Friday, Feb. 17, 1967
Prime Contest
Ever since the prime rate appeared in the '30s as a measure of what the bluest-chip corporations must pay for a bank loan, commercial banks have agreed about what that interest charge should be. Sometimes it has taken a few days; once, in 1958, it took a week for the pacemaking banks to fall in line with a lower rate. But for a fortnight some 40 of the nation's biggest banks have, to their consternation, found themselves in an unexpected battle over "the prime" with Chase Manhattan, New York City's biggest and the nation's second largest bank.
Chase dropped a bomb on Jan. 26 by cutting its prime rate from 6% to 5 1/2% --the first such drop in six years. Though delighted, even Administration economists were surprised by the size of the slash. "Too much, too soon," chorused other bankers, who next day began cutting their rates half as much, to 5 3/4%, in a half bow yet pointed rebuke to Chase. Then they sat back to watch loan demand swamp Chase with more business than it could handle.
Quiet Pressure. Through last week, no such stampede had arisen. Instead, some companies quietly began feeding deposits into Chase Manhattan, hoping thereby to pressure other banks to slice their prime rate to Chase's 5 1/2% level. At a news conference, Chase Chairman George Champion casually noted that his bank had about $1 billion in cash and other quick assets to meet any surge in loan demand. By week's end, Chase had withstood two weeks of the split-level struggle, and many businessmen were betting that the bank would emerge the victor, thus raising its prestige in a business where prestige counts for a lot.

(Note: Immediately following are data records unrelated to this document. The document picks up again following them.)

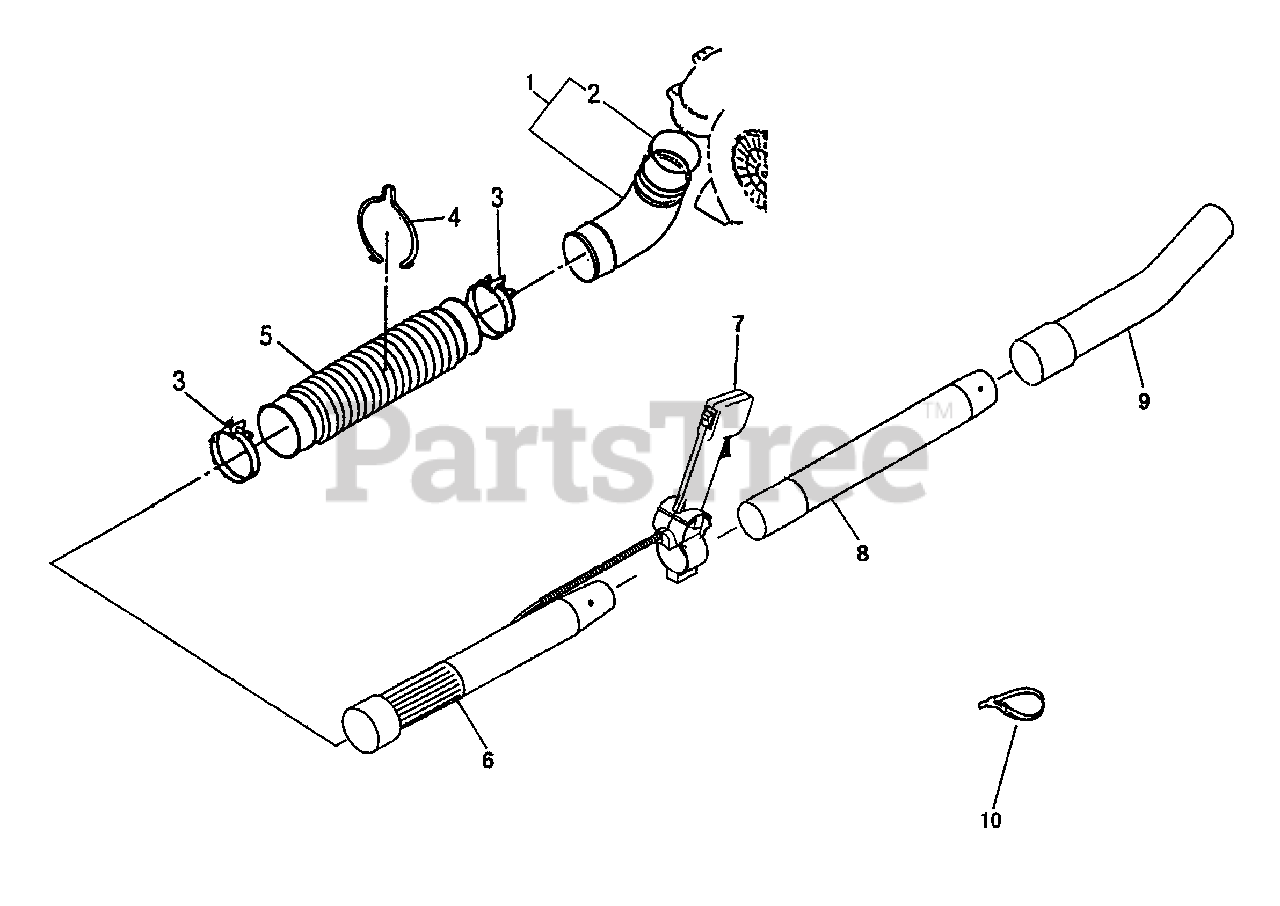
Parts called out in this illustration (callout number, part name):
1	Elbow Pipe
2	O-Ring
3	Hose Band
4	Wire Clamp
5	Flex Pipe
6	Base Pipe
7	Throttle Assy.
8	Middle Pipe
9	Bend Pipe
10	Wire Band

"Everybody will be down to 5 1/2%," predicted Vice President-Comptroller John W. D. Wright of International Harvester. "It's only a question of time." Said President Mark C. Wheeler of Boston's New England Merchants National Bank: "My own belief is that Chase is going to make 5 1/2% stick. The demand for funds has been a little less and the supply of money a little larger than expected."
That is just how Chase Manhattan saw the trend. "Normally, there is a marked increase in bank loans in December," says Executive Vice President George A. Roeder Jr., "and a marked decrease in January. The December increase did not materialize." Meeting that portentous January day, Chase Manhattan's top officers also noted that interest rates had slipped as much as one percentage point from their 1966 peaks. High-grade corporate bond yields were down from 5.56% to 5%, municipal bonds from 4.26% to 3.50% and 91-day Treasury bills from 5.74% to 4.40%. the slide continued last week. Several banks and finance companies cut the interest charged auto dealers to carry car inventories from 6 1/2% to 6%. New York's Morgan Guaranty Trust Co. reduced its rate on 90-day certificates of deposit from 5 1/2% to a flat 5%.
Expanding Credit. How the prime-rate battle ends depends more than anything else on the Federal Reserve Board. With the economy cooling off, the board allowed bank credit to expand at an annual rate of 9% during December. Preliminary estimates last week put the January expansion at about 15%. With that, Wall Street analysts figured that the board's next move might even be a cut in bank-reserve requirements--which would spread an easing of credit across the nation.